_REQUIREMENT:_ Make an exact copy of each entry, leaving out every picture.
** DATA RECORDS follows **
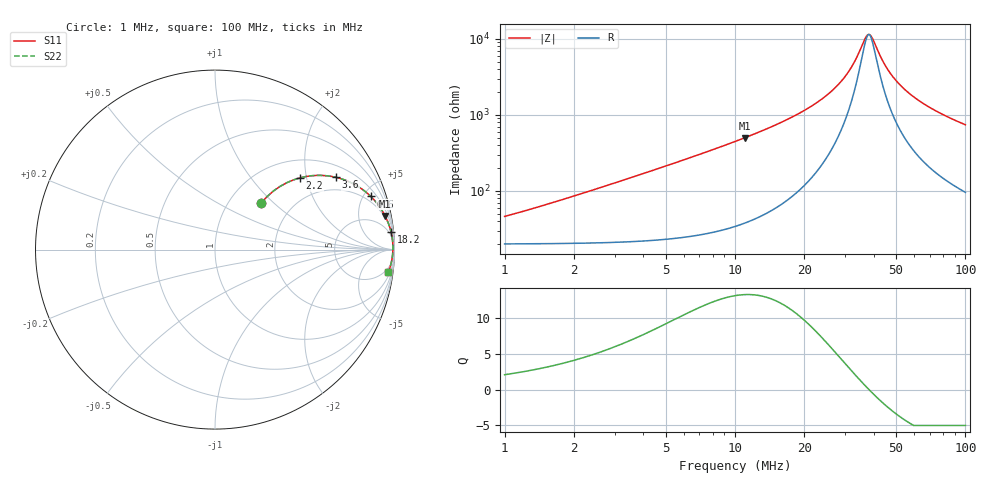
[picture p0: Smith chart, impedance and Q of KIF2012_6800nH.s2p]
!version-2
!date-12.2020
!Series
# MHz S RI R 50
!Freq ReS11 ImS11 ReS21 ImS21 ReS12 ImS12 ReS22 ImS22
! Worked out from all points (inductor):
!   496 points, 1 MHz to 100 MHz, reference 50 ohm
!   read as one part in series: L = 6.59 uH near 1.6 MHz
!   highest Q = 13.2 at 11 MHz (marker M1), where L = 7.18 uH
!   self-resonance near 38.15 MHz
!   S11 on the Smith chart (normalised r, x): 1 MHz: 1.40, +0.83; 2.2 MHz: 1.41, +1.83; 3.6 MHz: 1.43, +3.01; 6.6 MHz: 1.51, +5.63; 18.2 MHz: 3, +19; 100 MHz: 3, -15
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1  0.2553 0.2569  0.7447 -0.2569  0.7447 -0.2569  0.2553 0.2569
2.2  0.4729 0.3997  0.5271 -0.3997  0.5271 -0.3997  0.4729 0.3997
3.6  0.6747 0.4025  0.3253 -0.4025  0.3253 -0.4025  0.6747 0.4025
5  0.7931 0.3542  0.2069 -0.3542  0.2069 -0.3542  0.7931 0.3542
6.6  0.8679 0.2964  0.1321 -0.2964  0.1321 -0.2964  0.8679 0.2964
11  0.9482 0.1871  0.0518 -0.1871  0.0518 -0.1871  0.9482 0.1871
17.6  0.9793 0.1042  0.0207 -0.1042  0.0207 -0.1042  0.9793 0.1042
18.2  0.9806 0.099  0.0194 -0.099  0.0194 -0.099  0.9806 0.099
28  0.9903 0.0387  0.00974 -0.0387  0.00974 -0.0387  0.9903 0.0387
31.2  0.9911 0.0249  0.0089 -0.0249  0.0089 -0.0249  0.9911 0.0249
34  0.9914 0.0142  0.0086 -0.0142  0.0086 -0.0142  0.9914 0.0142
36.8  0.9914 0.00442  0.0086 -0.00442  0.0086 -0.00442  0.9914 0.00442
37.6  0.9914 0.00177  0.00865 -0.00177  0.00865 -0.00177  0.9914 0.00177
38.4  0.9913 -0.000814  0.00871 0.000814  0.00871 0.000814  0.9913 -0.000814
39.4  0.9912 -0.00397  0.00881 0.00397  0.00881 0.00397  0.9912 -0.00397
42.6  0.9907 -0.0135  0.00928 0.0135  0.00928 0.0135  0.9907 -0.0135
44.8  0.9903 -0.0197  0.00973 0.0197  0.00973 0.0197  0.9903 -0.0197
50.6  0.9888 -0.0347  0.0112 0.0347  0.0112 0.0347  0.9888 -0.0347
57.6  0.9864 -0.051  0.0136 0.051  0.0136 0.051  0.9864 -0.051
67  0.9826 -0.0706  0.0174 0.0706  0.0174 0.0706  0.9826 -0.0706
83.6  0.9748 -0.1009  0.0252 0.1009  0.0252 0.1009  0.9748 -0.1009
100  0.9661 -0.1273  0.0339 0.1273  0.0339 0.1273  0.9661 -0.1273
** End of DATA RECORDS **
_EXERCISE RESULT:_
[picture p0: Smith chart, impedance and Q of KIF2012_6800nH.s2p]
!version-2
!date-12.2020
!Series
# MHz S RI R 50
!Freq ReS11 ImS11 ReS21 ImS21 ReS12 ImS12 ReS22 ImS22
! Worked out from all points (inductor):
!   496 points, 1 MHz to 100 MHz, reference 50 ohm
!   read as one part in series: L = 6.59 uH near 1.6 MHz
!   highest Q = 13.2 at 11 MHz (marker M1), where L = 7.18 uH
!   self-resonance near 38.15 MHz
!   S11 on the Smith chart (normalised r, x): 1 MHz: 1.40, +0.83; 2.2 MHz: 1.41, +1.83; 3.6 MHz: 1.43, +3.01; 6.6 MHz: 1.51, +5.63; 18.2 MHz: 3, +19; 100 MHz: 3, -15
1  0.2553 0.2569  0.7447 -0.2569  0.7447 -0.2569  0.2553 0.2569
2.2  0.4729 0.3997  0.5271 -0.3997  0.5271 -0.3997  0.4729 0.3997
3.6  0.6747 0.4025  0.3253 -0.4025  0.3253 -0.4025  0.6747 0.4025
5  0.7931 0.3542  0.2069 -0.3542  0.2069 -0.3542  0.7931 0.3542
6.6  0.8679 0.2964  0.1321 -0.2964  0.1321 -0.2964  0.8679 0.2964
11  0.9482 0.1871  0.0518 -0.1871  0.0518 -0.1871  0.9482 0.1871
17.6  0.9793 0.1042  0.0207 -0.1042  0.0207 -0.1042  0.9793 0.1042
18.2  0.9806 0.099  0.0194 -0.099  0.0194 -0.099  0.9806 0.099
28  0.9903 0.0387  0.00974 -0.0387  0.00974 -0.0387  0.9903 0.0387
31.2  0.9911 0.0249  0.0089 -0.0249  0.0089 -0.0249  0.9911 0.0249
34  0.9914 0.0142  0.0086 -0.0142  0.0086 -0.0142  0.9914 0.0142
36.8  0.9914 0.00442  0.0086 -0.00442  0.0086 -0.00442  0.9914 0.00442
37.6  0.9914 0.00177  0.00865 -0.00177  0.00865 -0.00177  0.9914 0.00177
38.4  0.9913 -0.000814  0.00871 0.000814  0.00871 0.000814  0.9913 -0.000814
39.4  0.9912 -0.00397  0.00881 0.00397  0.00881 0.00397  0.9912 -0.00397
42.6  0.9907 -0.0135  0.00928 0.0135  0.00928 0.0135  0.9907 -0.0135
44.8  0.9903 -0.0197  0.00973 0.0197  0.00973 0.0197  0.9903 -0.0197
50.6  0.9888 -0.0347  0.0112 0.0347  0.0112 0.0347  0.9888 -0.0347
57.6  0.9864 -0.051  0.0136 0.051  0.0136 0.051  0.9864 -0.051
67  0.9826 -0.0706  0.0174 0.0706  0.0174 0.0706  0.9826 -0.0706
83.6  0.9748 -0.1009  0.0252 0.1009  0.0252 0.1009  0.9748 -0.1009
100  0.9661 -0.1273  0.0339 0.1273  0.0339 0.1273  0.9661 -0.1273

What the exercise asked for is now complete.